(Records to process begins)

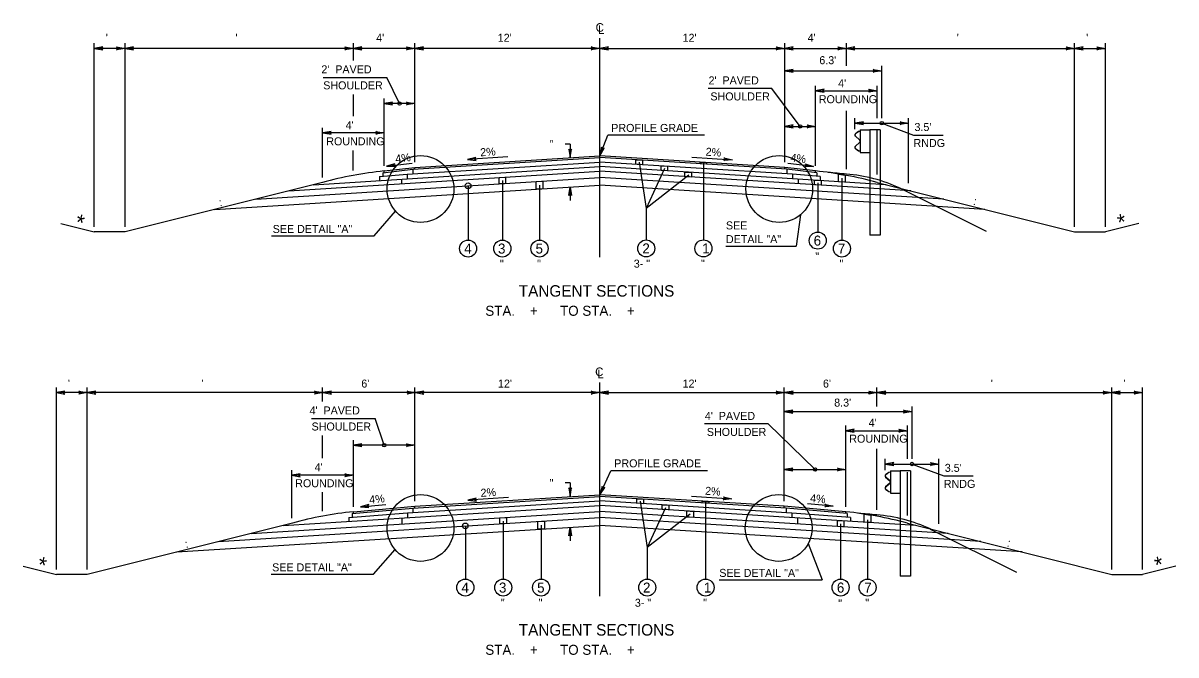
# Model space of a CAD drawing. Extents: x -592 to 1199, y -590 to 416.
# Drawn here: x 137.3 to 338.9, y -214.4 to -104 of the extents above; entities that cross this region are included whole.
import ezdxf

# ---------------------------------------------------------------- set-up
doc = ezdxf.new("R2010")
doc.units = 0
doc.layers.add('1', color=7, linetype='Continuous')
doc.layers.add('Des_ Drain_ Ftrs', color=7, linetype='Continuous')

msp = doc.modelspace()

# ---------------------------------------------------------------- linework, layer by layer
at = {"layer": '1'}
for p, q in [((238.16, -144.86), (238.16, -106.62)), ((149.75, -139.57), (149.75, -107.5)), ((155.13, -108.38), (149.75, -108.38)), ((155.13, -139.57), (155.13, -107.5)), ((195.06, -108.38), (155.13, -108.38)), ((195.06, -110.5), (195.06, -107.5)), ((205.83, -108.38), (195.06, -108.38)), ((205.83, -128.3), (205.83, -107.5)), ((238.16, -108.38), (205.83, -108.38)), ((238.16, -108.38), (270.49, -108.38)), ((270.49, -128.3), (270.49, -107.5)), ((270.49, -108.38), (281.27, -108.38)), ((281.27, -111.45), (281.27, -107.5)), ((281.27, -108.38), (321.19, -108.38)), ((321.19, -139.57), (321.19, -107.5)), ((321.19, -108.38), (326.58, -108.38)), ((326.58, -139.57), (326.58, -107.5)), ((270.49, -112.3), (287.47, -112.3)), ((287.47, -120.58), (287.47, -111.42)), ((189.79, -113.45), (200.93, -113.45)), ((203.14, -118.03), (200.93, -113.45)), ((275.88, -128.93), (275.88, -114.91)), ((286.66, -120.58), (286.66, -114.91)), ((195.06, -120.25), (195.06, -116.46)), ((268.22, -115.38), (257.08, -115.38)), ((273.19, -122.02), (268.22, -115.38)), ((275.88, -115.79), (286.66, -115.79)), ((200.44, -128.93), (200.44, -117.15)), ((205.83, -118.03), (200.44, -118.03)), ((281.27, -129.49), (281.27, -119.32)), ((282.77, -122.53), (282.77, -120.58)), ((292.16, -131.93), (292.16, -120.58)), ((189.66, -130.94), (189.66, -122.26)), ((270.49, -122.02), (275.88, -122.02)), ((282.77, -121.46), (292.16, -121.46)), ((283.37, -122.92), (282.85, -123.31)), ((283.38, -122.95), (282.87, -123.34)), ((283.69, -122.87), (283.37, -122.92)), ((283.69, -122.9), (283.38, -122.95)), ((283.69, -122.64), (283.69, -126.57)), ((283.69, -122.64), (285.37, -122.64)), ((285.37, -122.64), (285.37, -141.04)), ((287.2, -122.64), (285.37, -122.64)), ((286.66, -130.45), (286.66, -122.56)), ((287.2, -122.64), (287.2, -141.04)), ((287.47, -121.46), (293.02, -123.53)), ((200.44, -123.14), (189.67, -123.14)), ((238.16, -127.15), (239.54, -123.57)), ((256.46, -123.57), (239.54, -123.57)), ((282.84, -123.75), (283.57, -124.38)), ((283.57, -124.83), (282.84, -125.47)), ((282.86, -123.72), (283.59, -124.36)), ((283.59, -124.85), (282.86, -125.49)), ((283.66, -124.57), (283.66, -124.64)), ((283.69, -124.57), (283.69, -124.64)), ((293.02, -123.53), (298.18, -123.53)), ((195.05, -129.71), (195.05, -126.21)), ((232.98, -125.1), (232.1, -125.1)), ((232.98, -125.1), (232.98, -127.47)), ((282.85, -125.9), (283.37, -126.29)), ((282.87, -125.88), (283.38, -126.26)), ((283.37, -126.29), (283.69, -126.34)), ((283.38, -126.26), (283.69, -126.31)), ((283.69, -126.57), (285.37, -126.57)), ((200.87, -128.98), (205.34, -128.45)), ((204.48, -130.37), (238.16, -128.25)), ((205.47, -129.5), (238.16, -127.44)), ((205.83, -129.18), (238.16, -127.15)), ((222.09, -127.37), (215.02, -127.82)), ((270.49, -129.18), (238.16, -127.15)), ((270.86, -129.5), (238.16, -127.44)), ((271.84, -130.37), (238.16, -128.25)), ((245.03, -128.28), (246.27, -136.4)), ((254.27, -127.4), (261.34, -127.84)), ((256.27, -128.43), (256.27, -141.86)), ((275.51, -129.01), (271.04, -128.48)), ((178.02, -134.73), (238.16, -130.95)), ((183.79, -133.29), (238.16, -129.87)), ((188.11, -132.21), (238.16, -129.06)), ((199.61, -130.8), (204.48, -130.37)), ((199.61, -130.8), (199.61, -131.49)), ((200.2, -130.14), (205.47, -129.5)), ((200.2, -130.14), (200.2, -130.75)), ((200.44, -129.81), (205.83, -129.18)), ((200.44, -130.11), (200.44, -129.81)), ((204.48, -130.37), (204.48, -131.18)), ((205.47, -129.5), (205.47, -130.31)), ((205.83, -129.48), (205.83, -129.18)), ((288.21, -132.21), (238.16, -129.06)), ((292.54, -133.29), (238.16, -129.87)), ((298.3, -134.73), (238.16, -130.95)), ((249.45, -129.38), (246.27, -136.4)), ((253.72, -130.56), (246.27, -136.4)), ((270.49, -129.48), (270.49, -129.18)), ((275.88, -129.81), (270.49, -129.18)), ((270.86, -129.5), (270.86, -130.31)), ((276.12, -130.14), (270.86, -129.5)), ((271.84, -130.37), (271.84, -131.18)), ((276.71, -130.8), (271.84, -130.37)), ((275.88, -130.11), (275.88, -129.81)), ((276.12, -130.14), (276.12, -130.75)), ((276.71, -130.8), (276.71, -131.48)), ((282.77, -130.59), (282.77, -130.59)), ((189.66, -131.82), (155.13, -140.45)), ((170.82, -136.53), (238.16, -132.3)), ((203.49, -131.24), (203.49, -132.05)), ((215.12, -132.4), (215.12, -141.89)), ((221.11, -131.48), (221.11, -141.89)), ((227.61, -132.29), (227.61, -141.89)), ((232.98, -132.62), (232.98, -134.99)), ((305.51, -136.53), (238.16, -132.3)), ((272.83, -131.24), (272.83, -132.05)), ((276.26, -131.91), (276.26, -140.5)), ((280.49, -131.1), (280.49, -141.89)), ((286.66, -131.82), (321.19, -140.45)), ((290.66, -132.82), (305.71, -140.35)), ((198.7, -141.16), (202.44, -136.84)), ((246.27, -136.4), (246.27, -141.87)), ((143.92, -139), (149.75, -140.45)), ((273.22, -137.48), (272.5, -142.93)), ((332.4, -138.99), (326.58, -140.45)), ((155.13, -140.45), (149.75, -140.45)), ((287.2, -141.04), (285.37, -141.04)), ((321.19, -140.45), (326.58, -140.45)), ((180.76, -141.16), (198.7, -141.16)), ((260.2, -142.93), (272.5, -142.93)), ((238.16, -204.12), (238.16, -166.8)), ((143.13, -199.45), (143.13, -167.68)), ((148.51, -168.56), (143.13, -168.56)), ((148.51, -199.45), (148.51, -167.68)), ((189.76, -168.56), (148.51, -168.56)), ((189.67, -170.11), (189.67, -167.68)), ((205.92, -168.56), (189.76, -168.56)), ((205.83, -187.55), (205.83, -167.68)), ((238.16, -168.56), (205.92, -168.56)), ((238.16, -168.56), (270.49, -168.56)), ((270.4, -187.55), (270.4, -167.68)), ((270.49, -168.56), (286.66, -168.56)), ((286.57, -171), (286.57, -167.68)), ((286.66, -168.56), (327.69, -168.56)), ((327.69, -199.45), (327.69, -167.68)), ((327.69, -168.56), (333.07, -168.56)), ((333.07, -199.45), (333.07, -167.68)), ((292.76, -180.16), (292.76, -171)), ((187.76, -173.08), (198.9, -173.08)), ((200.45, -177.75), (198.9, -173.08)), ((270.4, -171.88), (292.76, -171.88)), ((267.6, -174.03), (256.46, -174.03)), ((275.79, -182), (267.6, -174.03)), ((281.17, -175.21), (291.95, -175.21)), ((281.18, -188.51), (281.18, -174.33)), ((291.96, -180.16), (291.96, -174.33)), ((189.67, -180.02), (189.67, -176.06)), ((195.06, -188.5), (195.06, -176.87)), ((205.83, -177.75), (195.06, -177.75)), ((286.57, -189.07), (286.57, -178.4)), ((288.07, -182.11), (288.07, -180.16)), ((288.07, -181.04), (297.45, -181.04)), ((292.76, -181.04), (298.32, -183.11)), ((297.45, -191.5), (297.45, -180.16)), ((184.28, -190.51), (184.28, -182.12)), ((195.06, -183), (184.28, -183)), ((238.16, -186.4), (240.07, -182.21)), ((256.99, -182.21), (240.07, -182.21)), ((270.4, -182), (281.18, -182)), ((288.14, -183.33), (288.87, -183.96)), ((288.67, -182.5), (288.15, -182.89)), ((288.16, -183.3), (288.89, -183.94)), ((288.68, -182.53), (288.17, -182.92)), ((288.98, -182.45), (288.67, -182.5)), ((288.98, -182.48), (288.68, -182.53)), ((288.98, -182.22), (288.98, -186.15)), ((288.98, -182.22), (290.67, -182.22)), ((290.67, -182.22), (290.67, -200.62)), ((292.49, -182.22), (290.67, -182.22)), ((291.96, -190.03), (291.96, -182.47)), ((292.49, -182.22), (292.49, -200.62)), ((298.32, -183.11), (303.47, -183.11)), ((232.96, -184.35), (232.08, -184.35)), ((232.96, -184.35), (232.96, -186.72)), ((288.87, -184.41), (288.14, -185.05)), ((288.89, -184.43), (288.16, -185.07)), ((288.17, -185.45), (288.68, -185.84)), ((288.95, -184.15), (288.95, -184.22)), ((288.98, -184.15), (288.98, -184.22)), ((189.67, -189.28), (189.67, -185.95)), ((204.5, -189.6), (238.16, -187.49)), ((205.47, -188.75), (238.16, -186.69)), ((205.83, -188.42), (238.16, -186.4)), ((222.16, -186.91), (215.08, -187.35)), ((270.4, -188.43), (238.16, -186.4)), ((270.77, -188.75), (238.16, -186.7)), ((254.16, -186.67), (261.24, -187.12)), ((288.15, -185.48), (288.67, -185.87)), ((288.67, -185.87), (288.98, -185.92)), ((288.68, -185.84), (288.98, -185.89)), ((288.98, -186.15), (290.67, -186.15)), ((177.16, -193.17), (238.16, -189.34)), ((182.78, -191.77), (238.16, -188.28)), ((194.82, -189.7), (205.47, -188.75)), ((195.06, -189.38), (205.83, -188.42)), ((195.06, -189.68), (195.06, -189.38)), ((196.28, -188.5), (200.76, -188.11)), ((205.47, -188.75), (205.47, -189.54)), ((205.83, -188.72), (205.83, -188.42)), ((271.74, -189.61), (238.16, -187.5)), ((293.44, -191.77), (238.16, -188.29)), ((299.06, -193.17), (238.16, -189.34)), ((245.22, -187.56), (246.46, -195.66)), ((249.63, -188.67), (246.46, -195.66)), ((256.65, -187.7), (256.65, -201.15)), ((270.4, -188.73), (270.4, -188.43)), ((281.18, -189.39), (270.4, -188.43)), ((281.42, -189.71), (270.77, -188.75)), ((270.77, -188.75), (270.77, -189.55)), ((278.98, -188.42), (274.5, -188.02)), ((281.18, -189.69), (281.18, -189.39)), ((184.41, -191.36), (148.51, -200.33)), ((171.43, -194.6), (238.16, -190.41)), ((194.26, -190.36), (204.5, -189.6)), ((194.26, -190.36), (194.26, -191.04)), ((194.82, -189.7), (194.82, -190.32)), ((203.53, -190.46), (203.53, -191.51)), ((204.5, -189.6), (204.5, -190.4)), ((221.27, -191.02), (221.27, -201.15)), ((304.78, -194.6), (238.16, -190.41)), ((253.97, -189.78), (246.46, -195.66)), ((271.74, -189.61), (271.74, -190.41)), ((281.98, -190.36), (271.76, -189.62)), ((272.72, -190.47), (272.72, -191.52)), ((280.27, -191.47), (280.27, -201.15)), ((281.42, -189.71), (281.42, -190.32)), ((281.98, -190.36), (281.98, -191.05)), ((284.99, -190.82), (284.99, -201.15)), ((288.07, -190.17), (288.07, -190.17)), ((291.96, -191.4), (327.69, -200.33)), ((164.2, -196.41), (238.16, -191.76)), ((214.64, -191.85), (214.64, -201.15)), ((227.88, -191.75), (227.88, -201.15)), ((232.96, -192.09), (232.96, -194.46)), ((312.01, -196.41), (238.16, -191.77)), ((295.95, -192.4), (311.01, -199.93)), ((274.61, -194.93), (277.04, -201.27)), ((198.6, -200.3), (202.34, -195.98)), ((246.46, -195.66), (246.46, -201.15)), ((137.3, -198.87), (143.13, -200.33)), ((338.9, -198.87), (333.07, -200.33)), ((148.51, -200.33), (143.13, -200.33)), ((180.67, -200.3), (198.6, -200.3)), ((259.04, -201.27), (277.04, -201.27)), ((292.49, -200.62), (290.67, -200.62)), ((327.69, -200.33), (333.07, -200.33))]:
    msp.add_line(p, q, dxfattribs=at)
for points in [[(244.46, -127.84), (245.6, -127.91), (245.6, -128.72), (244.46, -128.65)], [(248.86, -128.93), (250.01, -129), (250.01, -129.81), (248.86, -129.73)], [(255.7, -128.25), (256.84, -128.32), (256.84, -128.62), (255.7, -128.55)], [(220.54, -130.98), (221.68, -130.91), (221.68, -131.99), (220.54, -132.06)], [(253.05, -130), (254.2, -130.07), (254.2, -130.88), (253.05, -130.81)], [(279.92, -130.35), (281.06, -130.55), (281.06, -131.76), (279.92, -131.69)], [(227.04, -131.65), (228.18, -131.58), (228.18, -132.93), (227.04, -133)], [(275.69, -131.42), (276.84, -131.49), (276.84, -132.3), (275.69, -132.23)], [(244.65, -187.11), (245.8, -187.18), (245.8, -187.98), (244.65, -187.9)], [(249.05, -188.18), (250.2, -188.25), (250.2, -189.05), (249.05, -188.98)], [(253.4, -189.25), (254.54, -189.32), (254.54, -190.37), (253.4, -190.3)], [(256.08, -187.53), (257.23, -187.6), (257.23, -187.9), (256.08, -187.83)], [(220.7, -190.43), (221.84, -190.36), (221.84, -191.43), (220.7, -191.5)], [(227.31, -191.09), (228.46, -191.02), (228.46, -192.37), (227.31, -192.44)], [(279.7, -190.91), (280.84, -190.98), (280.84, -192.03), (279.7, -191.96)], [(284.41, -189.8), (285.56, -189.99), (285.56, -191.27), (284.41, -191.2)]]:
    msp.add_lwpolyline(points, close=True, dxfattribs=at)
for centre, radius in [((203.14, -118.03), 0.3), ((273.19, -122.02), 0.3), ((287.47, -121.46), 0.3), ((206.8, -132.96), 5.84), ((269.53, -132.96), 5.84), ((215.12, -132.4), 0.5), ((276.26, -141.99), 1.49), ((215.12, -143.38), 1.49), ((221.11, -143.38), 1.49), ((227.61, -143.38), 1.49), ((246.27, -143.35), 1.49), ((256.27, -143.34), 1.49), ((280.49, -143.38), 1.49), ((200.45, -177.75), 0.3), ((292.76, -181.04), 0.3), ((275.79, -182), 0.3), ((206.8, -192.21), 5.84), ((269.44, -192.21), 5.84), ((214.64, -191.85), 0.5), ((214.64, -202.63), 1.49), ((221.27, -202.63), 1.49), ((227.88, -202.63), 1.49), ((246.46, -202.63), 1.49), ((256.65, -202.63), 1.49), ((280.27, -202.63), 1.49), ((284.99, -202.63), 1.49)]:
    msp.add_circle(centre, radius, dxfattribs=at)
for centre, radius, start, end in [((283.02, -123.54), 0.278, 126.9799, 229.021), ((283.02, -123.54), 0.249, 126.9799, 229.021), ((283.41, -124.57), 0.249, 0, 49.0365), ((283.41, -124.64), 0.249, 310.9635, 0), ((283.41, -124.57), 0.278, 0, 49.0365), ((283.41, -124.64), 0.278, 310.9635, 0), ((283.02, -125.68), 0.278, 130.979, 233.0201), ((283.02, -125.68), 0.249, 130.979, 233.0201), ((207.32, -196.65), 67.19, 95.8795, 105.2381), ((268.99, -196.64), 67.19, 74.7593, 84.1179), ((270.45, -231.03), 101.24, 83.8633, 85.6775), ((279.15, -157.65), 27.37, 65.1374, 85.5513), ((288.32, -183.12), 0.278, 126.9799, 229.021), ((288.32, -183.12), 0.249, 126.9799, 229.021), ((288.32, -185.26), 0.278, 130.979, 233.0201), ((288.32, -185.26), 0.249, 130.979, 233.0201), ((288.71, -184.15), 0.249, 0, 49.0365), ((288.71, -184.22), 0.249, 310.9635, 0), ((288.71, -184.15), 0.278, 0, 49.0365), ((288.71, -184.22), 0.278, 310.9635, 0), ((201.94, -256.22), 67.19, 95.8795, 105.1262), ((274.3, -256.22), 67.19, 74.7611, 84.1196), ((275.75, -290.61), 101.24, 83.8633, 85.6775), ((284.45, -217.23), 27.37, 65.1374, 85.5513)]:
    msp.add_arc(centre, radius, start, end, dxfattribs=at)
at = {"layer": 'Des_ Drain_ Ftrs'}
for points in [[(149.75, -108.38), (151.23, -108.63), (150.94, -108.38), (151.23, -108.13)], [(155.13, -108.38), (153.65, -108.63), (153.94, -108.38), (153.65, -108.13)], [(155.13, -108.38), (156.62, -108.63), (156.33, -108.38), (156.62, -108.13)], [(195.06, -108.38), (193.57, -108.63), (193.86, -108.38), (193.57, -108.13)], [(195.06, -108.38), (196.54, -108.63), (196.25, -108.38), (196.54, -108.13)], [(205.83, -108.38), (204.34, -108.63), (204.64, -108.38), (204.34, -108.13)], [(205.83, -108.38), (207.32, -108.63), (207.03, -108.38), (207.32, -108.13)], [(238.16, -108.38), (236.67, -108.63), (236.97, -108.38), (236.67, -108.13)], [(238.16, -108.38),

(Records to process ends)

Please find every line in the records above that holds the word "dxfattribs" and copy it.

    msp.add_line(p, q, dxfattribs=at)
    msp.add_lwpolyline(points, close=True, dxfattribs=at)
    msp.add_circle(centre, radius, dxfattribs=at)
    msp.add_arc(centre, radius, start, end, dxfattribs=at)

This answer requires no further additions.